Data entries:
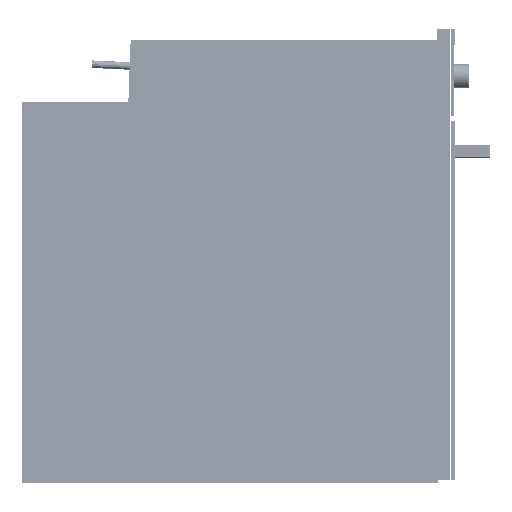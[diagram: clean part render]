
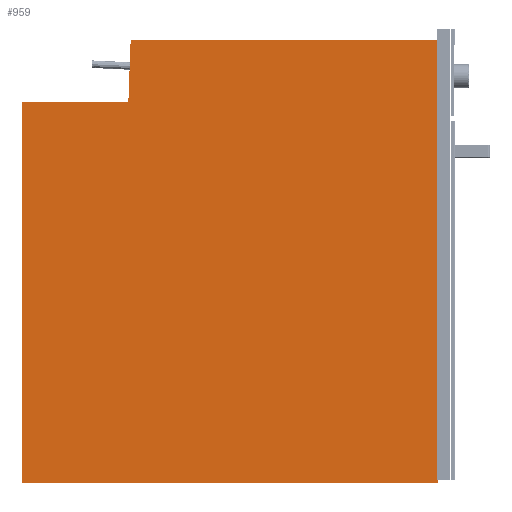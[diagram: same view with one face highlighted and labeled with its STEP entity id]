
A CAD part, front view. The second image highlights one B-rep face of the part: STEP entity #959.
In plain terms, the highlighted free-form (B-spline) face has degree [1, 1] with [2, 2] control points.
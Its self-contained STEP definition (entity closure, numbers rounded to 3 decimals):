
#959=ADVANCED_FACE('',(#1213),#3250,.T.);
#1213=FACE_OUTER_BOUND('',#1469,.T.);
#1469=EDGE_LOOP('',(#2094,#2095,#2096,#2097,#2098,#2099));
#2094=ORIENTED_EDGE('',*,*,#2691,.T.);
#2095=ORIENTED_EDGE('',*,*,#2694,.T.);
#2096=ORIENTED_EDGE('',*,*,#2705,.T.);
#2097=ORIENTED_EDGE('',*,*,#2708,.T.);
#2098=ORIENTED_EDGE('',*,*,#2710,.T.);
#2099=ORIENTED_EDGE('',*,*,#2687,.T.);
#2687=EDGE_CURVE('',#3034,#3033,#3401,.T.);
#2691=EDGE_CURVE('',#3033,#3036,#3405,.T.);
#2694=EDGE_CURVE('',#3036,#3038,#3408,.T.);
#2705=EDGE_CURVE('',#3038,#3048,#3419,.T.);
#2708=EDGE_CURVE('',#3048,#3050,#3422,.T.);
#2710=EDGE_CURVE('',#3050,#3034,#3424,.T.);
#3033=VERTEX_POINT('',#87662);
#3034=VERTEX_POINT('',#87663);
#3036=VERTEX_POINT('',#87665);
#3038=VERTEX_POINT('',#87667);
#3048=VERTEX_POINT('',#87677);
#3050=VERTEX_POINT('',#87679);
#3250=B_SPLINE_SURFACE_WITH_KNOTS('',1,1,((#87616,#87617),(#87618,#87619)),
.UNSPECIFIED.,.F.,.F.,.F.,(2,2),(2,2),(0.285,0.632),
(0.311,0.637),.UNSPECIFIED.);
#3401=B_SPLINE_CURVE_WITH_KNOTS('',1,(#87496,#87497),.UNSPECIFIED.,.F.,.F.,
(2,2),(0.,1.),.UNSPECIFIED.);
#3405=B_SPLINE_CURVE_WITH_KNOTS('',1,(#87504,#87505),.UNSPECIFIED.,.F.,.F.,
(2,2),(0.,1.),.UNSPECIFIED.);
#3408=B_SPLINE_CURVE_WITH_KNOTS('',1,(#87510,#87511),.UNSPECIFIED.,.F.,.F.,
(2,2),(0.,1.),.UNSPECIFIED.);
#3419=B_SPLINE_CURVE_WITH_KNOTS('',1,(#87540,#87541),.UNSPECIFIED.,.F.,.F.,
(2,2),(0.,1.),.UNSPECIFIED.);
#3422=B_SPLINE_CURVE_WITH_KNOTS('',1,(#87546,#87547),.UNSPECIFIED.,.F.,.F.,
(2,2),(0.,1.),.UNSPECIFIED.);
#3424=B_SPLINE_CURVE_WITH_KNOTS('',1,(#87550,#87551),.UNSPECIFIED.,.F.,.F.,
(2,2),(0.,1.),.UNSPECIFIED.);
#87496=CARTESIAN_POINT('',(-545.977,-275.938,499.849));
#87497=CARTESIAN_POINT('',(-545.977,-275.938,-0.011));
#87504=CARTESIAN_POINT('',(-545.977,-275.938,-0.011));
#87505=CARTESIAN_POINT('',(0.012,-275.938,-0.011));
#87510=CARTESIAN_POINT('',(0.012,-275.938,-0.011));
#87511=CARTESIAN_POINT('',(0.012,-275.938,582.164));
#87540=CARTESIAN_POINT('',(0.012,-275.938,582.164));
#87541=CARTESIAN_POINT('',(-403.197,-275.938,582.164));
#87546=CARTESIAN_POINT('',(-403.197,-275.938,582.164));
#87547=CARTESIAN_POINT('',(-406.269,-275.938,499.853));
#87550=CARTESIAN_POINT('',(-406.269,-275.938,499.853));
#87551=CARTESIAN_POINT('',(-545.977,-275.938,499.849));
#87616=CARTESIAN_POINT('',(0.012,-275.938,-0.011));
#87617=CARTESIAN_POINT('',(-545.977,-275.938,-0.011));
#87618=CARTESIAN_POINT('',(0.012,-275.938,582.164));
#87619=CARTESIAN_POINT('',(-545.977,-275.938,582.164));
#87662=CARTESIAN_POINT('',(-545.977,-275.938,-0.011));
#87663=CARTESIAN_POINT('',(-545.977,-275.938,499.849));
#87665=CARTESIAN_POINT('',(0.012,-275.938,-0.011));
#87667=CARTESIAN_POINT('',(0.012,-275.938,582.164));
#87677=CARTESIAN_POINT('',(-403.197,-275.938,582.164));
#87679=CARTESIAN_POINT('',(-406.269,-275.938,499.853));

Task to complete: Output each entry above word for word. The pictures stay out.

Exercise response:
[diagram: clean part render]
[diagram: same view with one face highlighted and labeled with its STEP entity id]
A CAD part, front view. The second image highlights one B-rep face of the part: STEP entity #959.
In plain terms, the highlighted free-form (B-spline) face has degree [1, 1] with [2, 2] control points.
Its self-contained STEP definition (entity closure, numbers rounded to 3 decimals):
#959=ADVANCED_FACE('',(#1213),#3250,.T.);
#1213=FACE_OUTER_BOUND('',#1469,.T.);
#1469=EDGE_LOOP('',(#2094,#2095,#2096,#2097,#2098,#2099));
#2094=ORIENTED_EDGE('',*,*,#2691,.T.);
#2095=ORIENTED_EDGE('',*,*,#2694,.T.);
#2096=ORIENTED_EDGE('',*,*,#2705,.T.);
#2097=ORIENTED_EDGE('',*,*,#2708,.T.);
#2098=ORIENTED_EDGE('',*,*,#2710,.T.);
#2099=ORIENTED_EDGE('',*,*,#2687,.T.);
#2687=EDGE_CURVE('',#3034,#3033,#3401,.T.);
#2691=EDGE_CURVE('',#3033,#3036,#3405,.T.);
#2694=EDGE_CURVE('',#3036,#3038,#3408,.T.);
#2705=EDGE_CURVE('',#3038,#3048,#3419,.T.);
#2708=EDGE_CURVE('',#3048,#3050,#3422,.T.);
#2710=EDGE_CURVE('',#3050,#3034,#3424,.T.);
#3033=VERTEX_POINT('',#87662);
#3034=VERTEX_POINT('',#87663);
#3036=VERTEX_POINT('',#87665);
#3038=VERTEX_POINT('',#87667);
#3048=VERTEX_POINT('',#87677);
#3050=VERTEX_POINT('',#87679);
#3250=B_SPLINE_SURFACE_WITH_KNOTS('',1,1,((#87616,#87617),(#87618,#87619)),
.UNSPECIFIED.,.F.,.F.,.F.,(2,2),(2,2),(0.285,0.632),
(0.311,0.637),.UNSPECIFIED.);
#3401=B_SPLINE_CURVE_WITH_KNOTS('',1,(#87496,#87497),.UNSPECIFIED.,.F.,.F.,
(2,2),(0.,1.),.UNSPECIFIED.);
#3405=B_SPLINE_CURVE_WITH_KNOTS('',1,(#87504,#87505),.UNSPECIFIED.,.F.,.F.,
(2,2),(0.,1.),.UNSPECIFIED.);
#3408=B_SPLINE_CURVE_WITH_KNOTS('',1,(#87510,#87511),.UNSPECIFIED.,.F.,.F.,
(2,2),(0.,1.),.UNSPECIFIED.);
#3419=B_SPLINE_CURVE_WITH_KNOTS('',1,(#87540,#87541),.UNSPECIFIED.,.F.,.F.,
(2,2),(0.,1.),.UNSPECIFIED.);
#3422=B_SPLINE_CURVE_WITH_KNOTS('',1,(#87546,#87547),.UNSPECIFIED.,.F.,.F.,
(2,2),(0.,1.),.UNSPECIFIED.);
#3424=B_SPLINE_CURVE_WITH_KNOTS('',1,(#87550,#87551),.UNSPECIFIED.,.F.,.F.,
(2,2),(0.,1.),.UNSPECIFIED.);
#87496=CARTESIAN_POINT('',(-545.977,-275.938,499.849));
#87497=CARTESIAN_POINT('',(-545.977,-275.938,-0.011));
#87504=CARTESIAN_POINT('',(-545.977,-275.938,-0.011));
#87505=CARTESIAN_POINT('',(0.012,-275.938,-0.011));
#87510=CARTESIAN_POINT('',(0.012,-275.938,-0.011));
#87511=CARTESIAN_POINT('',(0.012,-275.938,582.164));
#87540=CARTESIAN_POINT('',(0.012,-275.938,582.164));
#87541=CARTESIAN_POINT('',(-403.197,-275.938,582.164));
#87546=CARTESIAN_POINT('',(-403.197,-275.938,582.164));
#87547=CARTESIAN_POINT('',(-406.269,-275.938,499.853));
#87550=CARTESIAN_POINT('',(-406.269,-275.938,499.853));
#87551=CARTESIAN_POINT('',(-545.977,-275.938,499.849));
#87616=CARTESIAN_POINT('',(0.012,-275.938,-0.011));
#87617=CARTESIAN_POINT('',(-545.977,-275.938,-0.011));
#87618=CARTESIAN_POINT('',(0.012,-275.938,582.164));
#87619=CARTESIAN_POINT('',(-545.977,-275.938,582.164));
#87662=CARTESIAN_POINT('',(-545.977,-275.938,-0.011));
#87663=CARTESIAN_POINT('',(-545.977,-275.938,499.849));
#87665=CARTESIAN_POINT('',(0.012,-275.938,-0.011));
#87667=CARTESIAN_POINT('',(0.012,-275.938,582.164));
#87677=CARTESIAN_POINT('',(-403.197,-275.938,582.164));
#87679=CARTESIAN_POINT('',(-406.269,-275.938,499.853));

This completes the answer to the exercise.